** What the task asks **
Below, find each line holding "transform" and state how many there are, using the number alone.

Segment Start: Data to process

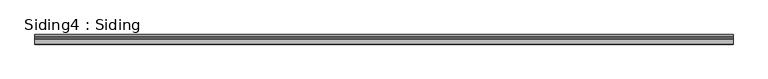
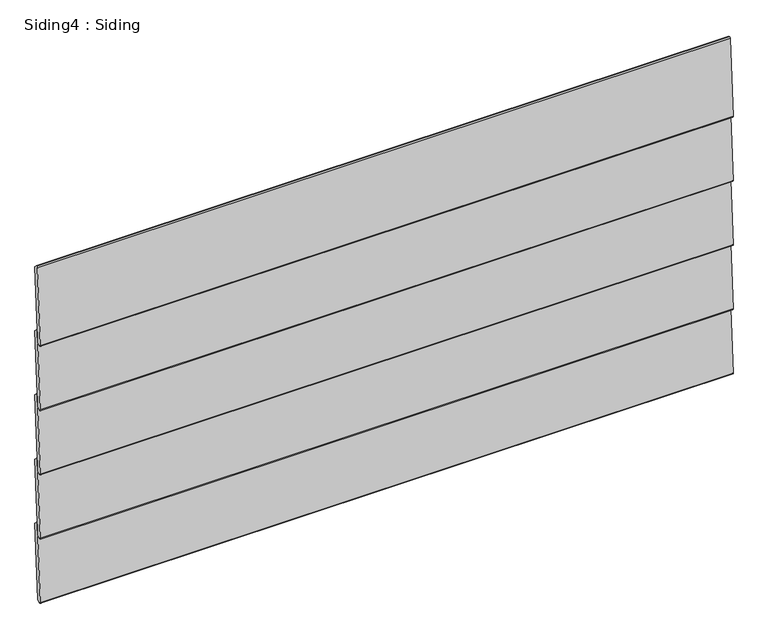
"""IFC4 building model written with IfcOpenShell, lengths in millimetres: proxy geometry, Siding4 : Siding."""

from ifc_helpers import new_model, si_unit, point, frame, frame_2d, origin, place, context, project, spatial, polyline, circle_curve, trimmed, segment, composite_curve, outline, extrude, source, transform, mapped, element, save


def siding4_siding_1c0db46d(model_context):
    return source(origin(), model_context, "Body", "SweptSolid", [
        extrude(outline(composite_curve([segment(trimmed(circle_curve(frame_2d((33663.6718498, 613.6895863)), 2.1075694), [point((33661.5781282, 613.9307891))], [point((33663.7040621, 615.7969095))], False, "CARTESIAN"), True, "CONTINUOUS"), segment(polyline([(33663.7040621, 615.7969095), (33665.7000892, 615.6670028), (33669.43233, 611.4151351), (33660.3182392, 471.3764062), (33656.0663715, 467.6441654), (33654.0703444, 467.7740721)]), True, "CONTINUOUS"), segment(trimmed(circle_curve(frame_2d((33654.3140531, 469.8699934)), 2.1100426), [point((33654.0703444, 467.7740721))], [point((33652.204224, 469.900006))], False, "CARTESIAN"), True, "CONTINUOUS"), segment(polyline([(33652.204224, 469.900006), (33661.5781282, 613.9307891)]), True, "CONTINUOUS")], self_intersect=False)), frame((-223.6179718, 0.0, 0.0), z_axis=(1.0, 0.0, 0.0), x_axis=(0.0, 1.0, 0.0)), (0.0, 0.0, 1.0), 1257.3),
        extrude(outline(composite_curve([segment(trimmed(circle_curve(frame_2d((33663.6718498, 490.4934983)), 2.1075694), [point((33661.5781282, 490.7347011))], [point((33663.7040621, 492.6008215))], False, "CARTESIAN"), True, "CONTINUOUS"), segment(polyline([(33663.7040621, 492.6008215), (33665.7000892, 492.4709148), (33669.43233, 488.2190471), (33660.3182392, 348.1803182), (33656.0663715, 344.4480774), (33654.0703444, 344.5779842)]), True, "CONTINUOUS"), segment(trimmed(circle_curve(frame_2d((33654.3140531, 346.6739054)), 2.1100426), [point((33654.0703444, 344.5779842))], [point((33652.204224, 346.703918))], False, "CARTESIAN"), True, "CONTINUOUS"), segment(polyline([(33652.204224, 346.703918), (33661.5781282, 490.7347011)]), True, "CONTINUOUS")], self_intersect=False)), frame((-223.6179718, 0.0, 0.0), z_axis=(1.0, 0.0, 0.0), x_axis=(0.0, 1.0, 0.0)), (0.0, 0.0, 1.0), 1257.3),
        extrude(outline(composite_curve([segment(trimmed(circle_curve(frame_2d((33663.6718498, 367.2974103)), 2.1075694), [point((33661.5781282, 367.5386131))], [point((33663.7040621, 369.4047335))], False, "CARTESIAN"), True, "CONTINUOUS"), segment(polyline([(33663.7040621, 369.4047335), (33665.7000892, 369.2748268), (33669.43233, 365.0229591), (33660.3182392, 224.9842302), (33656.0663715, 221.2519894), (33654.0703444, 221.3818962)]), True, "CONTINUOUS"), segment(trimmed(circle_curve(frame_2d((33654.3140531, 223.4778174)), 2.1100426), [point((33654.0703444, 221.3818962))], [point((33652.204224, 223.50783))], False, "CARTESIAN"), True, "CONTINUOUS"), segment(polyline([(33652.204224, 223.50783), (33661.5781282, 367.5386131)]), True, "CONTINUOUS")], self_intersect=False)), frame((-223.6179718, 0.0, 0.0), z_axis=(1.0, 0.0, 0.0), x_axis=(0.0, 1.0, 0.0)), (0.0, 0.0, 1.0), 1257.3),
        extrude(outline(composite_curve([segment(trimmed(circle_curve(frame_2d((33663.6718498, 244.1013223)), 2.1075694), [point((33661.5781282, 244.3425251))], [point((33663.7040621, 246.2086455))], False, "CARTESIAN"), True, "CONTINUOUS"), segment(polyline([(33663.7040621, 246.2086455), (33665.7000892, 246.0787388), (33669.43233, 241.8268711), (33660.3182392, 101.7881423), (33656.0663715, 98.0559014), (33654.0703444, 98.1858082)]), True, "CONTINUOUS"), segment(trimmed(circle_curve(frame_2d((33654.3140531, 100.2817294)), 2.1100426), [point((33654.0703444, 98.1858082))], [point((33652.204224, 100.311742))], False, "CARTESIAN"), True, "CONTINUOUS"), segment(polyline([(33652.204224, 100.311742), (33661.5781282, 244.3425251)]), True, "CONTINUOUS")], self_intersect=False)), frame((-223.6179718, 0.0, 0.0), z_axis=(1.0, 0.0, 0.0), x_axis=(0.0, 1.0, 0.0)), (0.0, 0.0, 1.0), 1257.3),
        extrude(outline(composite_curve([segment(trimmed(circle_curve(frame_2d((33663.6718498, 120.9052343)), 2.1075694), [point((33661.5781282, 121.1464371))], [point((33663.7040621, 123.0125575))], False, "CARTESIAN"), True, "CONTINUOUS"), segment(polyline([(33663.7040621, 123.0125575), (33665.7000892, 122.8826508), (33669.43233, 118.6307831), (33660.3182392, -21.4079457), (33656.0663715, -25.1401866), (33654.0703444, -25.0102798)]), True, "CONTINUOUS"), segment(trimmed(circle_curve(frame_2d((33654.3140531, -22.9143586)), 2.1100426), [point((33654.0703444, -25.0102798))], [point((33652.204224, -22.884346))], False, "CARTESIAN"), True, "CONTINUOUS"), segment(polyline([(33652.204224, -22.884346), (33661.5781282, 121.1464371)]), True, "CONTINUOUS")], self_intersect=False)), frame((-223.6179718, 0.0, 0.0), z_axis=(1.0, 0.0, 0.0), x_axis=(0.0, 1.0, 0.0)), (0.0, 0.0, 1.0), 1257.3),
    ])


if __name__ == "__main__":
    model = new_model("IFC4")
    model_context = context("Model", 3, world=origin())
    ifc_project = project(units=[si_unit("LENGTHUNIT", "METRE", prefix="MILLI")], contexts=[model_context])
    site = spatial("IfcSite", under=ifc_project)
    building = spatial("IfcBuilding", under=site)
    placement = place(None, origin())
    siding4_siding_shape = siding4_siding_1c0db46d(model_context)
    element("IfcBuildingElementProxy", 1, Name="Siding4 : Siding", ObjectType="Siding4 : Siding", at=placement, inside=building, context=model_context, shape_type="MappedRepresentation", body=[
        mapped(siding4_siding_shape, transform((0.0, 0.0, 0.0), x_axis=(1.0, 0.0, 0.0), y_axis=(0.0, 1.0, 0.0), z_axis=(0.0, 0.0, 1.0))),
    ])
    save(model, "model.ifc")

Segment End: Data to process

** Answer section **
2